I teach a number of course in the department, mainly Introductory Biology, a large enrollment course for ~1000 science majors per year. I have recently started team-teaching this course with a colleague, and really enjoy this opportunity to collaborate and bring in additional active learning experiences.  I also teach the Honors Intro Biology course, where we have developed a number of authentic research projects for students based on research interests of our Biology faculty.  I teach an interdisciplinary Themed Learning Community (TLC) with a colleague from Chemistry, and collaborate with other colleagues on two additional TLCs in Neuroscience and in Biomedical Engineering.  I teach Microbiology lab in a project-based format where I work with our Microbiology and Organic Chemistry faculty on an interdisciplinary Distributed Drug Discovery program (D3) to find drug leads for rare and neglected disease.  I also teach two courses in the School of Education for secondary science teachers.  

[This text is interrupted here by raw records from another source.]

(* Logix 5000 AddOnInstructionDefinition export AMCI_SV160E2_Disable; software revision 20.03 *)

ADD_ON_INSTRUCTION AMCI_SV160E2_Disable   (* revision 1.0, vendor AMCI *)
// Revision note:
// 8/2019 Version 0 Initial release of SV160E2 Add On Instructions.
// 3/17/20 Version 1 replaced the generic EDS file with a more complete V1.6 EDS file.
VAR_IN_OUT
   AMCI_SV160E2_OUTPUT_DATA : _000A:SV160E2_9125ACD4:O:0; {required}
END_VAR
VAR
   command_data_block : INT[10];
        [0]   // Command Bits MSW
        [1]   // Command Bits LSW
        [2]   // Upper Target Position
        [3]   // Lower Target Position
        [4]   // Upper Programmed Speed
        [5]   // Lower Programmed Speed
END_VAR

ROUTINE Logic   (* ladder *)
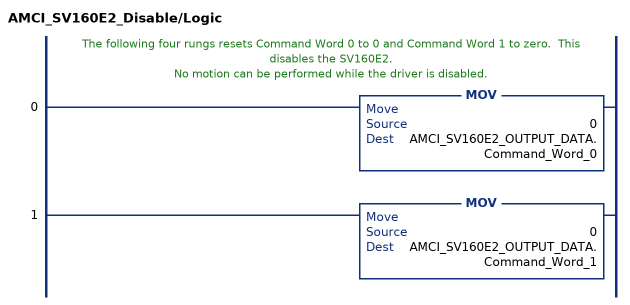
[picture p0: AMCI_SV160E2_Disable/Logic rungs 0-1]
   // The following four rungs resets Command Word 0 to 0 and Command Word 1 to zero.  This disables the SV160E2.
   // No motion can be performed while the driver is disabled.
   0: MOV(0,AMCI_SV160E2_OUTPUT_DATA.Command_Word_0);
   1: MOV(0,AMCI_SV160E2_OUTPUT_DATA.Command_Word_1);
END_ROUTINE
END_ADD_ON_INSTRUCTION
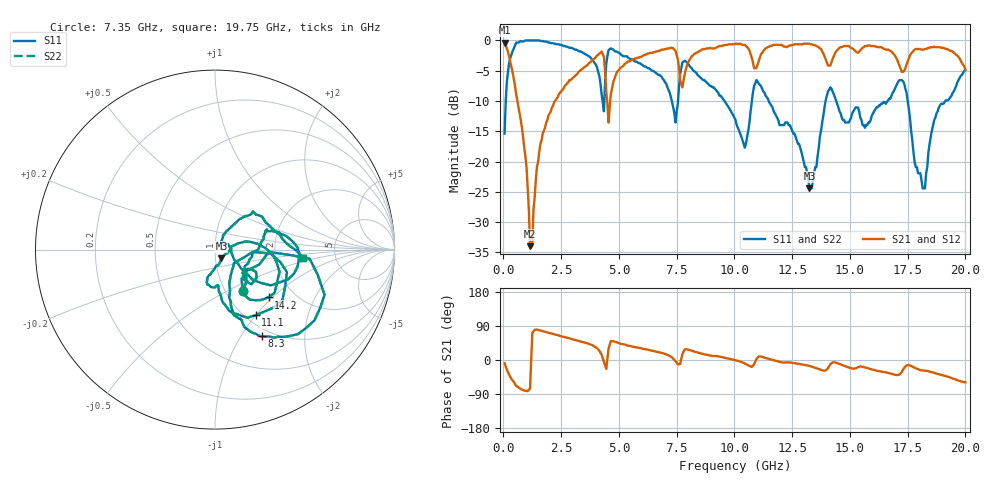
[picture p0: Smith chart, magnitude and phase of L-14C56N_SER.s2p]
# MHZ S MA R 50
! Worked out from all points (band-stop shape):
!   400 points, 50 MHz to 20 GHz, reference 50 ohm
!   highest |S21| = -0.35 dB at 50 MHz (marker M1); lowest = -34.0 dB at 1.15 GHz (marker M2)
!   |S21| within 3 dB of the highest: 11.06 GHz to 13.98 GHz (2.915 GHz wide, 23.3 % of centre); 14.22 GHz to 17.06 GHz (2.838 GHz wide, 18.1 % of centre)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
!   lowest |S11| = -24.4 dB at 13.25 GHz (marker M3), VSWR 1.13, Z = 53.4 - j5.18 ohm
!   |S11| at or under -10 dB: 11.48 GHz to 13.95 GHz (2.461 GHz wide, 19.4 % of centre); 14.41 GHz to 16.63 GHz (2.222 GHz wide, 14.3 % of centre); 17.5 GHz to 19.13 GHz (1.628 GHz wide, 8.89 % of centre)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
!   |S22| runs from -24.4 to 0.0 dB; largest |S21 - S12| = 0
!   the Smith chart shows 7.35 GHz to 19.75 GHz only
!   S11 on the Smith chart (normalised r, x): 7.35 GHz: 1.20, -0.61; 8.3 GHz: 0.90, -1.24; 11.1 GHz: 1.11, -1.00; 14.2 GHz: 1.49, -0.95; 19.75 GHz: 2.88, -0.34
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50  0.17 73.1  0.96 -8.5  0.96 -8.5  0.17 73.1
300  0.72 40.9  0.66 -44.9  0.66 -44.9  0.72 40.9
1150  1 4.5  0.02 -75.9  0.02 -75.9  1 4.5
1700  0.99 -9.1  0.17 76.3  0.17 76.3  0.99 -9.1
3400  0.8 -42.4  0.58 48.2  0.58 48.2  0.8 -42.4
4250  0.36 -59.7  0.81 14.1  0.81 14.1  0.36 -59.7
4450  0.64 -0.3  0.38 -23.4  0.38 -23.4  0.64 -0.3
4900  0.81 -46.2  0.54 46.7  0.54 46.7  0.81 -46.2
6700  0.52 -63.3  0.82 21.0  0.82 21.0  0.52 -63.3
7350  0.28 -56.4  0.86 3.8  0.86 3.8  0.28 -56.4
7750  0.66 -22.4  0.41 16.4  0.41 16.4  0.66 -22.4
8300  0.55 -61.5  0.78 21.7  0.78 21.7  0.55 -61.5
10050  0.22 -68.5  0.94 -0.6  0.94 -0.6  0.22 -68.5
11100  0.43 -58.3  0.72 9.2  0.72 9.2  0.43 -58.3
13250  0.06 -53.6  0.94 -15.5  0.94 -15.5  0.06 -53.6
13350  0.06 -29.9  0.93 -17.5  0.93 -17.5  0.06 -29.9
14200  0.4 -41.8  0.66 -8.8  0.66 -8.8  0.4 -41.8
16700  0.33 18.5  0.83 -34.8  0.83 -34.8  0.33 18.5
17350  0.44 -22.2  0.56 -20.8  0.56 -20.8  0.44 -22.2
18250  0.06 53.1  0.85 -28.2  0.85 -28.2  0.06 53.1
19750  0.49 -5.2  0.71 -55.4  0.71 -55.4  0.49 -5.2
20000  0.57 -16.1  0.57 -58.8  0.57 -58.8  0.57 -16.1

In the classes I teach, I have similar goals, mainly to: (1) provide opportunities for collaboration and active learning, (2) integrate global health and social implications of biology to help students make personal connections to our courses, and (3) integrate scientific literacy, teamwork, and communication skills for students to develop academic and professional expertise.  I greatly enjoy working with others at IUPUI and in the PULSE community to improve undergraduate teaching and learning and to gather data to support change initiatives towards successful science education. 

Steven Matzner, PhD

I am a Professor and Chair of the Department of Biology at Augustana University in Sioux Falls, South Dakota.  I was recently the President of the South Dakota Academy of Sciences.  I teach Introduction to Biological Principles I and II as well as a junior/senior level Plant Ecology class.  Undergraduate research is a major focus at our institution as we believe that students doing biology is the best way for them to learn biology.  As Department Chair, I have received great satisfaction in supporting young faculty embrace more innovative teaching and student centered learning activities.  I joined the PULSE Midwest and Great Plains Regional Network in 2014 and became a PULSE Fellow in 2015.  Since joining PULSE, our department has made progress toward adding more active learning and student centered activities to our classes, we have increased our networking with faculty at regional institutions and recently organized a “stem education” symposium at the South Dakota Academy of Sciences meeting. 

Kathryn Miller

Heather Seitz, PhD

I am an Associate Professor of Biology at Johnson County Community College (www.jccc.edu) and I have been involved in educational research for 10 years.  I primarily teach biotechnology, environmental science, and microbiology courses. I was an early adopter of the flipped classroom model and I am very interested in developing new and novel learning activities for the active learning classroom.  My educational research focuses on interventions that can help improve students conceptual understanding of microbiology.  I also am asking several important questions about the difference in learning online versus face to face.  In my laboratory teaching, I have implemented a course based research experience and developed an interdisciplinary project between my microbiology students and chemistry students at the college.

In service to my professional society, American Society for Microbiology, I am the editor for the Tips and Tools Section of the Journal of Microbiology and Biology Education.     Also through ASM, I am also the task force leader for the development of a concept inventory on microbiology for health sciences.  I am also actively engaged in efforts to improve the 2-year and 4-year partnerships and develop community college faculty as discipline specific educational researchers.